Он развяжет веревку на одеяле и извлечет наружу ружье — старый «маузер», тяжелое и точное оружие, давно уже отметившее свое столетие, перебывавшее в руках немецких солдат, и в руках турецких, и в руках дедушки Зеева, да и сам он тоже не раз из него стрелял, — засунет ружье между ветками фисташкового дерева и поставит там на приклад. Потом достанет из рюкзака маленькую кирку, положит на ближайший камень, разложит одеяло, сядет на него, развяжет и снимет чехлы с ботинок и тоже положит их на землю. Снимет ботинки, поставит их на куски коврика, потом снимет носки и затолкает их внутрь ботинок, чтобы ночью туда не заползли змея или скорпион. Растянется на одной половине одеяла, укроется второй, пошарит вокруг, убедится, что его левая рука дотягивается до ружья, а правая — до кирки, подтянет к себе камень, положит на него голову и медленно, глубоко вздохнет. Впереди — несколько часов темноты, и он надеется, что этой ночью бессонница его пощадит.
Я соединяю друг с другом маленькие кусочки мозаики: люди здесь по ночам не ходят, дикие звери к нему не подойдут. Если не учуют его бродячие собаки, если никто не найдет замаскированный пикап, все пойдет, как задумано. И звук выстрела, которому предстоит грянуть наутро, тоже не вызовет подозрений: в этих местах нередко постреливают охотники, да и солдаты-отпускники любят палить в небеса в ближайших к их деревням лесах. Одиночный выстрел не удивит никого, и никто не станет звонить из-за него в полицию. А если и позвонит, никакой полицейский не подумает выезжать на место такого ничтожного происшествия.
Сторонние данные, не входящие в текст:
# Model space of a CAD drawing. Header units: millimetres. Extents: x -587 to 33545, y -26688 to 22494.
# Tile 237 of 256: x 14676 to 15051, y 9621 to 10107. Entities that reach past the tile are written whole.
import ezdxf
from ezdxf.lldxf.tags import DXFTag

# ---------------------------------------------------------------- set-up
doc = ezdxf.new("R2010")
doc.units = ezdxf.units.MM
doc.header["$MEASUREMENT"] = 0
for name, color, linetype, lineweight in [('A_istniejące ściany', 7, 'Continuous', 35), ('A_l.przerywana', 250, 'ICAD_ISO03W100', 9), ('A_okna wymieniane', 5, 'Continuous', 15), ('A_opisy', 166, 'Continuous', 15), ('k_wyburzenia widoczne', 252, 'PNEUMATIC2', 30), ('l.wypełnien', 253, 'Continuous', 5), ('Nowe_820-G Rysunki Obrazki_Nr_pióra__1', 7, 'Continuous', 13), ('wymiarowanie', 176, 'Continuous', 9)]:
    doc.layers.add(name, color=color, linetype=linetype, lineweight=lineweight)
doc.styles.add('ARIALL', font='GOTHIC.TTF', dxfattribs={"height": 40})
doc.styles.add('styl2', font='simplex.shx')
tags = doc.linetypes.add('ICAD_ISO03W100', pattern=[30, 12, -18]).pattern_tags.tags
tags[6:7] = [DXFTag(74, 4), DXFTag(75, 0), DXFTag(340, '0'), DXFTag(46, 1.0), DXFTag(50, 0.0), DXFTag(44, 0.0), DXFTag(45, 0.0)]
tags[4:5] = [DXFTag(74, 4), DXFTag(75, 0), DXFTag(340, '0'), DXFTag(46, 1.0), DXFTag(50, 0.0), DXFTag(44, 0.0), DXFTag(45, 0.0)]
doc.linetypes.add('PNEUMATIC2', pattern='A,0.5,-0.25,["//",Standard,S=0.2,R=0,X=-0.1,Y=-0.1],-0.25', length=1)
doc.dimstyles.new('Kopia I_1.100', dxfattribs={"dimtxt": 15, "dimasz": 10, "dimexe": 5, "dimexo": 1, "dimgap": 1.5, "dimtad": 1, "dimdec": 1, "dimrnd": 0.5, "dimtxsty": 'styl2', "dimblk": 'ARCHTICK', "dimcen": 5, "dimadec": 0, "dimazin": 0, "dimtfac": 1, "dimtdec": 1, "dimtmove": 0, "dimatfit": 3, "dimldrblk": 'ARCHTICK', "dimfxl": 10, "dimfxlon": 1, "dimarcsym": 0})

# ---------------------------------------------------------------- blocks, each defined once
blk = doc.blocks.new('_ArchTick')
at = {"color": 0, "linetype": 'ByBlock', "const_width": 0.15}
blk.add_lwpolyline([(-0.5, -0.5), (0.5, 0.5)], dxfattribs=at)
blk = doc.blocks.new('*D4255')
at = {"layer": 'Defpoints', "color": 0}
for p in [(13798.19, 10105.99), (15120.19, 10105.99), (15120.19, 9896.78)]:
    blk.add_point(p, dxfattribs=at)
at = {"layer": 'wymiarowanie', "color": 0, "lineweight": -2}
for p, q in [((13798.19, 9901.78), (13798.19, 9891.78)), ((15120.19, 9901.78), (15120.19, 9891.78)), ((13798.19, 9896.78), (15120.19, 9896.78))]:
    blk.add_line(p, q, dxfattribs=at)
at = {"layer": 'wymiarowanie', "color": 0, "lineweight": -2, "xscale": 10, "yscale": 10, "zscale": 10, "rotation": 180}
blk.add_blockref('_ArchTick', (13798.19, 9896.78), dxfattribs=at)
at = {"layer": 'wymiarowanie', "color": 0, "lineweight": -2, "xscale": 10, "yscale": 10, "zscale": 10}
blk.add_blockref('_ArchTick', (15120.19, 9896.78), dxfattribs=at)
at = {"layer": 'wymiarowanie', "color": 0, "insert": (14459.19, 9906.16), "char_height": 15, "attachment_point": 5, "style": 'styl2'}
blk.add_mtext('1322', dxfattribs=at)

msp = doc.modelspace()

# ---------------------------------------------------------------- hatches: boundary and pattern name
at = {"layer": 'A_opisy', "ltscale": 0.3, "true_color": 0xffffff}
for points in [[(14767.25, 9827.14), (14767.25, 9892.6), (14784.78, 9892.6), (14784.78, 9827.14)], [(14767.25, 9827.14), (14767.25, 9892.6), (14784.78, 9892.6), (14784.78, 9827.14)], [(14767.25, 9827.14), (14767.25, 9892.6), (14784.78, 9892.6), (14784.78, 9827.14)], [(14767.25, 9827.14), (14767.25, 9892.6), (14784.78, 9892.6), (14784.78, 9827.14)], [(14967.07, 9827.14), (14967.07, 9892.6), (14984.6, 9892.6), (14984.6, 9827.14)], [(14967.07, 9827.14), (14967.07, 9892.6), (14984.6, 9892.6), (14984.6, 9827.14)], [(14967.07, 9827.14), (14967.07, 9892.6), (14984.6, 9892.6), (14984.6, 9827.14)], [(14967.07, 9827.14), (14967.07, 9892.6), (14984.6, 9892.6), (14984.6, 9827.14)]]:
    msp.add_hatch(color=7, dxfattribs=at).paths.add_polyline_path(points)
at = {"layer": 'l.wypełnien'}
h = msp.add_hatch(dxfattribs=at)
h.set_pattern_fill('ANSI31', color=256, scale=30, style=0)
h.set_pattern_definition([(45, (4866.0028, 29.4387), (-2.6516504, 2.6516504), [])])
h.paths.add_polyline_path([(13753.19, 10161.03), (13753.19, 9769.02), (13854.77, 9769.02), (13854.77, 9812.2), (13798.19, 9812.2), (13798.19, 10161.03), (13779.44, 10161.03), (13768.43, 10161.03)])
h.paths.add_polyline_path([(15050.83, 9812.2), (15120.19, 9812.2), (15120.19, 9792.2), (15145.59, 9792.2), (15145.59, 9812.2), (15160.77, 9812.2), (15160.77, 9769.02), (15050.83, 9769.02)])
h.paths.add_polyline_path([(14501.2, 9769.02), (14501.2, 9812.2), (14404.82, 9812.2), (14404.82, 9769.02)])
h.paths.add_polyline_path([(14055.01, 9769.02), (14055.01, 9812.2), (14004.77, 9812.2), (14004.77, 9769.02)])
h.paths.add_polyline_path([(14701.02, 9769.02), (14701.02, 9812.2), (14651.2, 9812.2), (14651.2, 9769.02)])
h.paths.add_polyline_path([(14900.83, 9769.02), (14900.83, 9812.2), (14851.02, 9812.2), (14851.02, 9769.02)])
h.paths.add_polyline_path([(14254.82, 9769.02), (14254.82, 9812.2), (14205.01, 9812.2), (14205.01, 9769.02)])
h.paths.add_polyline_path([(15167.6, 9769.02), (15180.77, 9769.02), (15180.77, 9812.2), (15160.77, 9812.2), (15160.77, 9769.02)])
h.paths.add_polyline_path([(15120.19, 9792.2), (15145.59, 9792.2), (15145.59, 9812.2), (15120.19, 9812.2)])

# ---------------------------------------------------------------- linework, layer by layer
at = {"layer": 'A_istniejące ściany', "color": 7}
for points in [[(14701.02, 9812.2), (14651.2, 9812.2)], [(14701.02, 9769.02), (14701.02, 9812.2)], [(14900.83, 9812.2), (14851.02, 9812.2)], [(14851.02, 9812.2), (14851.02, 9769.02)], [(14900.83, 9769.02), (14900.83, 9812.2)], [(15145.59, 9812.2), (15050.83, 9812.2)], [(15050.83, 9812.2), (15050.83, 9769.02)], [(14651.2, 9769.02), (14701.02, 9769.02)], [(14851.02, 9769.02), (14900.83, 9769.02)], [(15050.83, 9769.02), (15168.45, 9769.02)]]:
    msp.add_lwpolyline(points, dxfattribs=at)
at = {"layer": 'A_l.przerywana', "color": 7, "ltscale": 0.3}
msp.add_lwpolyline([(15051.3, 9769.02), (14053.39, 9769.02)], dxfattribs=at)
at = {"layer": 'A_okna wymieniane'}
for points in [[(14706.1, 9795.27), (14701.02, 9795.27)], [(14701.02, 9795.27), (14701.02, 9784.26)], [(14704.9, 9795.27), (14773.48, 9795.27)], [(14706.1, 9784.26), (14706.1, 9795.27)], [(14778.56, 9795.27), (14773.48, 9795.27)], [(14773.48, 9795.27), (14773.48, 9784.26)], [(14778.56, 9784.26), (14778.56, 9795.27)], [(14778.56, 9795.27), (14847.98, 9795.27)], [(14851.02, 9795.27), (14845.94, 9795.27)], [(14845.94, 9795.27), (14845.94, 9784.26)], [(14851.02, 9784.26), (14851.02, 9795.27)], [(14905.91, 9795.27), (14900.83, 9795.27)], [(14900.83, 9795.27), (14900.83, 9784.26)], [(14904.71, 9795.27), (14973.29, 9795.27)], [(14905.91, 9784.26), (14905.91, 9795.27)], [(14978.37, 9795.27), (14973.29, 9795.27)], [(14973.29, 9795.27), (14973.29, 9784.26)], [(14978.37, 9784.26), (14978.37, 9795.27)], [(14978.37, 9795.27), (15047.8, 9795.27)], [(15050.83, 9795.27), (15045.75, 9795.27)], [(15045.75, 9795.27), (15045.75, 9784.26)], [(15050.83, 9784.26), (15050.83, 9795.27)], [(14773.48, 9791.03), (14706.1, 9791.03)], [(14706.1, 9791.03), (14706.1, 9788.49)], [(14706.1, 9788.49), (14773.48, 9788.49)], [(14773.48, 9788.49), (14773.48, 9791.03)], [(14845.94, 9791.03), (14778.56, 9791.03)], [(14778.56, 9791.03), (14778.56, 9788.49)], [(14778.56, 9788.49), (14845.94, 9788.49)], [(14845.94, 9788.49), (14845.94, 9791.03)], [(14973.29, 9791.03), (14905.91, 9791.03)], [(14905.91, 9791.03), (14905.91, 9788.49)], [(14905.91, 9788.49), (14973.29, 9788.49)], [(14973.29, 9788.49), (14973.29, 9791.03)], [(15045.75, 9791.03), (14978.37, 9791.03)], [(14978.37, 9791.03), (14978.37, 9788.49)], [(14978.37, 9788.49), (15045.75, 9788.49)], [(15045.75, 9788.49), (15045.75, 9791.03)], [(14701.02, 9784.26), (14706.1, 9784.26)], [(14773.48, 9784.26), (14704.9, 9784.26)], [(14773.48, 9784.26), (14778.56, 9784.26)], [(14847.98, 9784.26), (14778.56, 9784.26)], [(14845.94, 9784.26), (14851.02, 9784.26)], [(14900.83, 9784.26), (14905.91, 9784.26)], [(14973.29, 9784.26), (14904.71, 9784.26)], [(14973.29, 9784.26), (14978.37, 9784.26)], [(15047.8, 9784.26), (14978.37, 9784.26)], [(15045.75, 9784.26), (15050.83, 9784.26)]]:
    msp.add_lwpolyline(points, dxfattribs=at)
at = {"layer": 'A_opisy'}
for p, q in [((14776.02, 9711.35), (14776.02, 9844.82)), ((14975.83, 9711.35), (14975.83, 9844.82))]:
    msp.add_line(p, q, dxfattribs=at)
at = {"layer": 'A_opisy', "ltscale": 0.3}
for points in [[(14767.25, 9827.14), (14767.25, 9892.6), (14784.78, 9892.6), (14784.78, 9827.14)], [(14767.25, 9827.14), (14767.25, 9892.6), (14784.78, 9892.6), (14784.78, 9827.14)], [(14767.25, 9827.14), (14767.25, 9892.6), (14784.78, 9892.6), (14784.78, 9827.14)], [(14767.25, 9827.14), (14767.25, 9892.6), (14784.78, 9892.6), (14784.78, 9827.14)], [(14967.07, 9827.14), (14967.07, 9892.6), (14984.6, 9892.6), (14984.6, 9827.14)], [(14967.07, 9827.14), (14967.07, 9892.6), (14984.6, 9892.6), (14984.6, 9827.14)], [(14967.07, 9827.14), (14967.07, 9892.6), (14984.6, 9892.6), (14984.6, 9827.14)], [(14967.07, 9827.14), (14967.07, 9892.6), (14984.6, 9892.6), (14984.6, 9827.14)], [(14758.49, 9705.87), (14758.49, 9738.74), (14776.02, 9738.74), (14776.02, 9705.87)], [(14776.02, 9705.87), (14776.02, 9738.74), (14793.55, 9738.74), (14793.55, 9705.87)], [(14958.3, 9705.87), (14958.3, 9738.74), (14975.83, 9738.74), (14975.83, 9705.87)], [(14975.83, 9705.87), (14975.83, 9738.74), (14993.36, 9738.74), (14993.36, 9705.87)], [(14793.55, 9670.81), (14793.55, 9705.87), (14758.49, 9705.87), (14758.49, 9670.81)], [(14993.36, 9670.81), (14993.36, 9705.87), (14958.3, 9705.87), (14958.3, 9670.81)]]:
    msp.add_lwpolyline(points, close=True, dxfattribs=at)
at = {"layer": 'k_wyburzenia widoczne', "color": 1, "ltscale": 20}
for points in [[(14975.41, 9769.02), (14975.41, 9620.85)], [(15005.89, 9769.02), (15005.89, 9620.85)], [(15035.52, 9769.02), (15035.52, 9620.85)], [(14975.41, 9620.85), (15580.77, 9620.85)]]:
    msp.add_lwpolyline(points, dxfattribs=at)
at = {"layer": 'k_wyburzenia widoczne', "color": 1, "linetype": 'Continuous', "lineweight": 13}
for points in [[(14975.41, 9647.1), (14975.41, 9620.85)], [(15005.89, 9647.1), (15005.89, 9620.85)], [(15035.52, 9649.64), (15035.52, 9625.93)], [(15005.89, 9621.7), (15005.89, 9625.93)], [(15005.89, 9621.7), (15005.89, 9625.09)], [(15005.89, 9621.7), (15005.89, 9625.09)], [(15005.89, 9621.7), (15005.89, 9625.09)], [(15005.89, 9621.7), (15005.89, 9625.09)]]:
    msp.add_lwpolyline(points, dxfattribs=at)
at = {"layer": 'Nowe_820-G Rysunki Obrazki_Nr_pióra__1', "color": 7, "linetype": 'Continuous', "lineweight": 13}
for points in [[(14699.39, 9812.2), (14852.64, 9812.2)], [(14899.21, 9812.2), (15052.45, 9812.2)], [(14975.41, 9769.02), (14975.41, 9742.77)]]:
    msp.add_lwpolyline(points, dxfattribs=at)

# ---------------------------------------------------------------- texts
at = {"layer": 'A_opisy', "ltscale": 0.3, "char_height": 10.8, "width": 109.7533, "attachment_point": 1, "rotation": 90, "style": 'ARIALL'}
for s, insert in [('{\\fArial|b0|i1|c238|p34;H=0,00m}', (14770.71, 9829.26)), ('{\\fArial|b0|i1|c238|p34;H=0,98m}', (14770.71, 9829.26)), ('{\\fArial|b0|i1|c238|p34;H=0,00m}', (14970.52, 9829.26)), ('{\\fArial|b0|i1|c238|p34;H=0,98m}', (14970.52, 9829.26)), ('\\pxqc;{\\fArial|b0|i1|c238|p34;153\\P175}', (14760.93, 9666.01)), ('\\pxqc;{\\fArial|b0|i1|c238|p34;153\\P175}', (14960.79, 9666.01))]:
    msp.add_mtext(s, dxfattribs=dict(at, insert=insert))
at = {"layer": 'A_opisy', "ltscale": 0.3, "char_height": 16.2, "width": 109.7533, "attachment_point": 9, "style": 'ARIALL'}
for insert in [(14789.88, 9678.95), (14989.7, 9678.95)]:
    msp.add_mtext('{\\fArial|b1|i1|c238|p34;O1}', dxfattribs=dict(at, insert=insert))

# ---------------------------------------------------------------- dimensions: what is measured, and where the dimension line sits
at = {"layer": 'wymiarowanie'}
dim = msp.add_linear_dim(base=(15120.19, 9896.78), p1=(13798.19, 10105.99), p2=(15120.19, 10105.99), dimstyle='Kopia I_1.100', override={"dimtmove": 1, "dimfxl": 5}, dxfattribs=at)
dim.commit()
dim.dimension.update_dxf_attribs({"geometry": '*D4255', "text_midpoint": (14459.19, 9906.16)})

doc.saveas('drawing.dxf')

Он будет рассчитывать на птиц, которые подадут голос перед восходом, но для пущей верности назначит себе час подъема и несколько раз повторит этот час про себя, чтобы птицы его тела тоже запели в нужное время. Несмотря на то, чему предстояло произойти, он, я думаю, будет испытывать некое странное облегчение, какую-то давно забытую и оттого неожиданную приятность. Ему будет приятно сознавать, что он собирается сделать то, что справедливо и что надлежит сделать. Приятно сознавать, что в его рюкзаке и в его возможностях имеется все, что необходимо для этого дела. Приятно лежать на земле и ощущать ее прикосновение, такое твердое и одновременно такое мягкое, лежать с закрытыми глазами под открытым темным небом и вдыхать воздух, льющийся к нему с других небес сквозь те дырочки, которые люди называют звездами. И приятно снова чувствовать в себе способность ощущать приятность: «Я вернулась, это я», — говорит приятность, как он сам говорил мне бывало, называя себя в женском роде, когда неожиданно обнимал меня сзади, когда входил в нашу комнату, в нашу постель, в мое тело. Именно так он говорил мне всегда в такие минуты: «Я вернулась. Это я».